* DATA EXCERPTS *
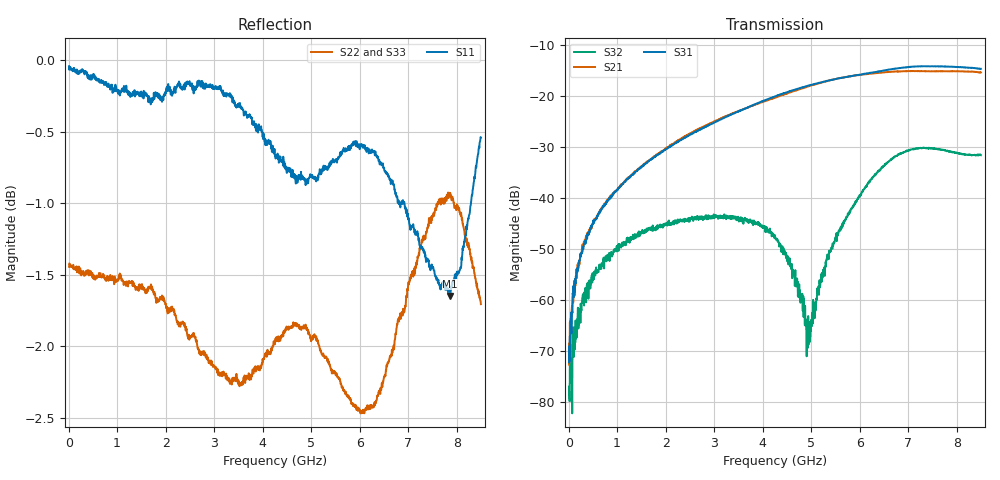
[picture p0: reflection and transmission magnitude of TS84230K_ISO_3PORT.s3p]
! Created with skrf (http://scikit-rf.org).
# Hz S RI R 50.0
!freq ReS11 ImS11 ReS12 ImS12 ReS13 ImS13
! ReS21 ImS21 ReS22 ImS22 ReS23 ImS23
! ReS31 ImS31 ReS32 ImS32 ReS33 ImS33
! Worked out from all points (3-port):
!   1601 points, 10 MHz to 8.5 GHz, reference 50 ohm
!   strongest paths, dB at 10 MHz, 2.132 GHz, 4.255 GHz, 6.378 GHz, 8.5 GHz:
!     S31: -69.3, -29.6, -20.0, -15.1, -14.6
!     S21: -72.7, -29.5, -20.3, -15.4, -15.3
!     S32: -77.0, -45.0, -47.3, -34.7, -31.6
!   lowest |S11| = -1.6 dB at 7.869 GHz (marker M1), VSWR 10.57, Z = 5.59 + j21.2 ohm
!   |S11| at or under -10 dB: nowhere
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1e7  0.9952 -0.0093  0.000157 9.78e-05  8.84e-05 -2.37e-05
     0.000139 0.000185  -0.8467 0.0048  -0.000172 -4.96e-06
     0.000311 0.000145  0.000137 -3.53e-05  -0.8501 0.00352
2.01025e8  0.9838 -0.1115  0.000187 0.00221  0.000195 0.00233
           0.000214 0.00222  -0.8425 0.0711  0.000155 0.000802
           5.25e-05 0.00207  -3.32e-05 0.000524  -0.8451 0.0681
7.210375e8  0.9059 -0.3792  -9.36e-05 0.00849  0.000237 0.00851
            0.000122 0.00845  -0.8042 0.2419  0.000507 0.00233
            -1.26e-05 0.00821  0.000704 0.00251  -0.806 0.2383
2.461488e9  0.2955 -0.9359  0.0107 0.0405  0.0103 0.0396
            0.0108 0.0405  -0.4227 0.6783  0.00514 0.00312
            0.0104 0.0392  0.00511 0.00357  -0.4372 0.6815
4.255e9  -0.349 -0.8574  0.0757 0.0606  0.0761 0.0644
         0.0755 0.0608  0.3976 0.6905  0.00355 -0.00215
         0.0764 0.0644  0.00382 -0.00202  0.3503 0.7013
4.9342e9  -0.5991 -0.6811  0.1162 0.0457  0.1178 0.0466
          0.1162 0.0458  0.6236 0.5088  -0.000131 -0.000372
          0.1181 0.0468  -0.000335 -0.000157  0.6283 0.4919
5.3587e9  -0.7779 -0.4853  0.1407 0.0218  0.1409 0.0233
          0.1409 0.0222  0.6944 0.3643  -0.0022 0.00139
          0.141 0.0233  -0.00204 0.00147  0.7079 0.3592
6.128106e9  -0.9311 -0.0254  0.1589 -0.0445  0.1628 -0.0357
            0.1586 -0.044  0.7552 0.0113  -0.00627 0.0111
            0.163 -0.0357  -0.00642 0.0111  0.7613 0.1253
7.868556e9  -0.57 0.5993  0.0674 -0.163  0.0728 -0.1812
            0.0674 -0.1625  0.3952 -0.8071  0.0264 0.0118
            0.0731 -0.1809  0.0262 0.0116  0.3613 -0.8123
8.5e9  -0.1405 0.9291  0.00821 -0.1715  0.00764 -0.1859
       0.00925 -0.1711  0.2304 -0.7887  0.0259 0.00673
       0.00824 -0.1858  0.0255 0.00711  0.2425 -0.7944

* EXERCISE DETAILS *
The listing must be returned in full and exactly, apart from its pictures.

* FINAL ANSWER *
[picture p0: reflection and transmission magnitude of TS84230K_ISO_3PORT.s3p]
! Created with skrf (http://scikit-rf.org).
# Hz S RI R 50.0
!freq ReS11 ImS11 ReS12 ImS12 ReS13 ImS13
! ReS21 ImS21 ReS22 ImS22 ReS23 ImS23
! ReS31 ImS31 ReS32 ImS32 ReS33 ImS33
! Worked out from all points (3-port):
!   1601 points, 10 MHz to 8.5 GHz, reference 50 ohm
!   strongest paths, dB at 10 MHz, 2.132 GHz, 4.255 GHz, 6.378 GHz, 8.5 GHz:
!     S31: -69.3, -29.6, -20.0, -15.1, -14.6
!     S21: -72.7, -29.5, -20.3, -15.4, -15.3
!     S32: -77.0, -45.0, -47.3, -34.7, -31.6
!   lowest |S11| = -1.6 dB at 7.869 GHz (marker M1), VSWR 10.57, Z = 5.59 + j21.2 ohm
!   |S11| at or under -10 dB: nowhere
1e7  0.9952 -0.0093  0.000157 9.78e-05  8.84e-05 -2.37e-05
     0.000139 0.000185  -0.8467 0.0048  -0.000172 -4.96e-06
     0.000311 0.000145  0.000137 -3.53e-05  -0.8501 0.00352
2.01025e8  0.9838 -0.1115  0.000187 0.00221  0.000195 0.00233
           0.000214 0.00222  -0.8425 0.0711  0.000155 0.000802
           5.25e-05 0.00207  -3.32e-05 0.000524  -0.8451 0.0681
7.210375e8  0.9059 -0.3792  -9.36e-05 0.00849  0.000237 0.00851
            0.000122 0.00845  -0.8042 0.2419  0.000507 0.00233
            -1.26e-05 0.00821  0.000704 0.00251  -0.806 0.2383
2.461488e9  0.2955 -0.9359  0.0107 0.0405  0.0103 0.0396
            0.0108 0.0405  -0.4227 0.6783  0.00514 0.00312
            0.0104 0.0392  0.00511 0.00357  -0.4372 0.6815
4.255e9  -0.349 -0.8574  0.0757 0.0606  0.0761 0.0644
         0.0755 0.0608  0.3976 0.6905  0.00355 -0.00215
         0.0764 0.0644  0.00382 -0.00202  0.3503 0.7013
4.9342e9  -0.5991 -0.6811  0.1162 0.0457  0.1178 0.0466
          0.1162 0.0458  0.6236 0.5088  -0.000131 -0.000372
          0.1181 0.0468  -0.000335 -0.000157  0.6283 0.4919
5.3587e9  -0.7779 -0.4853  0.1407 0.0218  0.1409 0.0233
          0.1409 0.0222  0.6944 0.3643  -0.0022 0.00139
          0.141 0.0233  -0.00204 0.00147  0.7079 0.3592
6.128106e9  -0.9311 -0.0254  0.1589 -0.0445  0.1628 -0.0357
            0.1586 -0.044  0.7552 0.0113  -0.00627 0.0111
            0.163 -0.0357  -0.00642 0.0111  0.7613 0.1253
7.868556e9  -0.57 0.5993  0.0674 -0.163  0.0728 -0.1812
            0.0674 -0.1625  0.3952 -0.8071  0.0264 0.0118
            0.0731 -0.1809  0.0262 0.0116  0.3613 -0.8123
8.5e9  -0.1405 0.9291  0.00821 -0.1715  0.00764 -0.1859
       0.00925 -0.1711  0.2304 -0.7887  0.0259 0.00673
       0.00824 -0.1858  0.0255 0.00711  0.2425 -0.7944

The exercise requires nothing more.